During my first day in Christiansted, St. Croix, I took to wandering. I find that drifting through residential areas, away from expensive boutiques and restaurants, is an excellent way to encounter little out-of-the-way places that serve the locals. When I travel, what I want is food I can pretty much get only in whatever place I’m visiting.

On that inaugural stroll, I came upon a place that looked very promising: Harvey’s. I had a lunch date elsewhere, but I made a mental note to return to this small, unprepossessing though well-decorated, storefront. What was most intriguing were menu items I’d never heard of before, like Conch in Butter Sauce and Stew Old Wife.

On my last day in St. Croix, we had a chance to stop by Harvey’s and I sampled a number of dishes, including Stew Old Wife, which is actually fish with vegetables. The fish is called Old Wife. The skin of this fish is so rough, Mr. Harvey told us, that “sailors used to clean the decks of their ships with it. Like steel wool.

Harvey also told us that “reef fish, like Old Wife and Pot Fish, have lots of bones. That’s why we serve fungi: to push it through.”

Fungi is made of finely ground cornmeal and okra and presented as a kind of dry dumpling, soft, almost gelatinous. It’s good to have something big and bready like this when eating fish with little bones because if you do swallow a bone, the fungi will pad it out and help “push it through.”

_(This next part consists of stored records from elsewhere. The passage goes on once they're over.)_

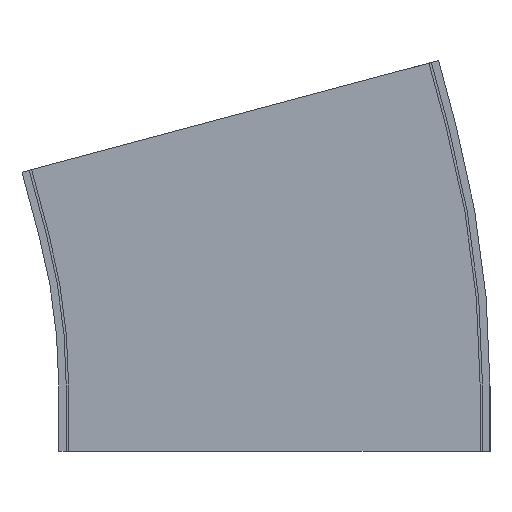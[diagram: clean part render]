
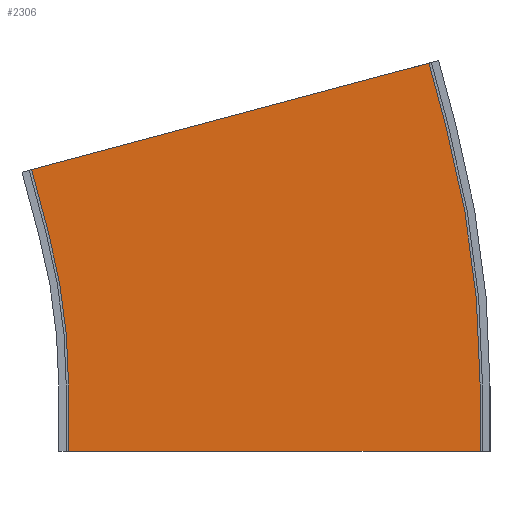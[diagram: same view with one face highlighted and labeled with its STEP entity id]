
A CAD part, front view. The second image highlights one B-rep face of the part: STEP entity #2306.
In plain terms, the highlighted planar face has unit normal (0, -1, 0).
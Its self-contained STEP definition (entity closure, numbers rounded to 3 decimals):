
#78 = ORIENTED_EDGE ( 'NONE', *, *, #922, .T. ) ;
#127 = CARTESIAN_POINT ( 'NONE',  ( 445.13, -68.25, 173.624 ) ) ;
#278 = ORIENTED_EDGE ( 'NONE', *, *, #1771, .T. ) ;
#339 = CARTESIAN_POINT ( 'NONE',  ( -13.588, -68.25, 50.711 ) ) ;
#354 = VERTEX_POINT ( 'NONE', #2482 ) ;
#504 = CARTESIAN_POINT ( 'NONE',  ( 458.718, -68.25, 122.913 ) ) ;
#514 = CIRCLE ( 'NONE', #1344, 474.9 ) ;
#568 = CARTESIAN_POINT ( 'NONE',  ( 805.1, -68.25, -52.5 ) ) ;
#574 = EDGE_CURVE ( 'NONE', #1339, #1327, #1067, .T. ) ;
#576 = AXIS2_PLACEMENT_3D ( 'NONE', #1919, #2287, #1754 ) ;
#578 = DIRECTION ( 'NONE',  ( 0.259, 0., -0.966 ) ) ;
#580 = ORIENTED_EDGE ( 'NONE', *, *, #574, .F. ) ;
#647 = VECTOR ( 'NONE', #2244, 1000. ) ;
#689 = DIRECTION ( 'NONE',  ( 0., 0., 1. ) ) ;
#691 = DIRECTION ( 'NONE',  ( 0., 1., 0. ) ) ;
#717 = VERTEX_POINT ( 'NONE', #1064 ) ;
#768 = ORIENTED_EDGE ( 'NONE', *, *, #1802, .F. ) ;
#774 = EDGE_LOOP ( 'NONE', ( #989, #935, #768, #78, #1346, #580, #1301, #278 ) ) ;
#801 = VERTEX_POINT ( 'NONE', #504 ) ;
#816 = CARTESIAN_POINT ( 'NONE',  ( 0., -68.25, -52.5 ) ) ;
#846 = DIRECTION ( 'NONE',  ( -1., 0., 0. ) ) ;
#913 = VECTOR ( 'NONE', #1670, 1000. ) ;
#915 = CIRCLE ( 'NONE', #576, 805.1 ) ;
#922 = EDGE_CURVE ( 'NONE', #1692, #1323, #1603, .T. ) ;
#935 = ORIENTED_EDGE ( 'NONE', *, *, #1315, .F. ) ;
#981 = AXIS2_PLACEMENT_3D ( 'NONE', #1759, #1351, #1954 ) ;
#989 = ORIENTED_EDGE ( 'NONE', *, *, #1107, .T. ) ;
#1057 = LINE ( 'NONE', #339, #913 ) ;
#1064 = CARTESIAN_POINT ( 'NONE',  ( 474.9, -68.25, 0. ) ) ;
#1067 = LINE ( 'NONE', #1760, #1638 ) ;
#1107 = EDGE_CURVE ( 'NONE', #801, #717, #514, .T. ) ;
#1156 = VERTEX_POINT ( 'NONE', #127 ) ;
#1254 = DIRECTION ( 'NONE',  ( -1., 0., 0. ) ) ;
#1263 = CARTESIAN_POINT ( 'NONE',  ( 0., -68.25, 0. ) ) ;
#1301 = ORIENTED_EDGE ( 'NONE', *, *, #1940, .F. ) ;
#1315 = EDGE_CURVE ( 'NONE', #354, #717, #2385, .T. ) ;
#1323 = VERTEX_POINT ( 'NONE', #1861 ) ;
#1327 = VERTEX_POINT ( 'NONE', #2029 ) ;
#1339 = VERTEX_POINT ( 'NONE', #1870 ) ;
#1344 = AXIS2_PLACEMENT_3D ( 'NONE', #1263, #691, #1254 ) ;
#1346 = ORIENTED_EDGE ( 'NONE', *, *, #1661, .F. ) ;
#1351 = DIRECTION ( 'NONE',  ( 0., 1., 0. ) ) ;
#1536 = CARTESIAN_POINT ( 'NONE',  ( 445.13, -68.25, 173.624 ) ) ;
#1565 = PLANE ( 'NONE',  #981 ) ;
#1603 = LINE ( 'NONE', #1871, #647 ) ;
#1638 = VECTOR ( 'NONE', #2357, 1000. ) ;
#1661 = EDGE_CURVE ( 'NONE', #1327, #1323, #915, .T. ) ;
#1666 = FACE_OUTER_BOUND ( 'NONE', #774, .T. ) ;
#1668 = CARTESIAN_POINT ( 'NONE',  ( 474.9, -68.25, -52.5 ) ) ;
#1670 = DIRECTION ( 'NONE',  ( 0.966, 0., 0.259 ) ) ;
#1672 = LINE ( 'NONE', #1536, #2235 ) ;
#1692 = VERTEX_POINT ( 'NONE', #568 ) ;
#1754 = DIRECTION ( 'NONE',  ( -1., 0., 0. ) ) ;
#1759 = CARTESIAN_POINT ( 'NONE',  ( 458.718, -68.25, 122.913 ) ) ;
#1760 = CARTESIAN_POINT ( 'NONE',  ( 764.079, -68.25, 259.086 ) ) ;
#1771 = EDGE_CURVE ( 'NONE', #1156, #801, #1672, .T. ) ;
#1802 = EDGE_CURVE ( 'NONE', #1692, #354, #1941, .T. ) ;
#1861 = CARTESIAN_POINT ( 'NONE',  ( 805.1, -68.25, 0. ) ) ;
#1870 = CARTESIAN_POINT ( 'NONE',  ( 764.079, -68.25, 259.086 ) ) ;
#1871 = CARTESIAN_POINT ( 'NONE',  ( 805.1, -68.25, -52.5 ) ) ;
#1919 = CARTESIAN_POINT ( 'NONE',  ( 0., -68.25, 0. ) ) ;
#1940 = EDGE_CURVE ( 'NONE', #1156, #1339, #1057, .T. ) ;
#1941 = LINE ( 'NONE', #816, #2383 ) ;
#1954 = DIRECTION ( 'NONE',  ( -1., 0., 0. ) ) ;
#2029 = CARTESIAN_POINT ( 'NONE',  ( 777.667, -68.25, 208.375 ) ) ;
#2235 = VECTOR ( 'NONE', #578, 1000. ) ;
#2244 = DIRECTION ( 'NONE',  ( 0., 0., 1. ) ) ;
#2287 = DIRECTION ( 'NONE',  ( 0., 1., 0. ) ) ;
#2306 = ADVANCED_FACE ( 'NONE', ( #1666 ), #1565, .F. ) ;
#2319 = VECTOR ( 'NONE', #689, 1000. ) ;
#2357 = DIRECTION ( 'NONE',  ( 0.259, 0., -0.966 ) ) ;
#2383 = VECTOR ( 'NONE', #846, 1000. ) ;
#2385 = LINE ( 'NONE', #1668, #2319 ) ;
#2482 = CARTESIAN_POINT ( 'NONE',  ( 474.9, -68.25, -52.5 ) ) ;

I detected only a few bones in my Old Wife, but one of my fellow journalists ordered Pot Fish, and she sifted through quite a few bones. Both fish, however, were pleasant, mild tasting, and benefitted from the homemade pepper sauce that Harvey’s puts on every table.

It was also at Harvey’s that I had callaloo,  usually a soup made with the namesake vegetable, which is a leafy green somewhat like spinach (and which could actually be either amaranth or taro leaves or some other leaf).  My callaloo had vegetables and fish in it, but my understanding is that the basic soup – West African in origin – can contain any one of a number of things, including beef or crab, but it must contain the leaf to be called “callaloo” on the menu.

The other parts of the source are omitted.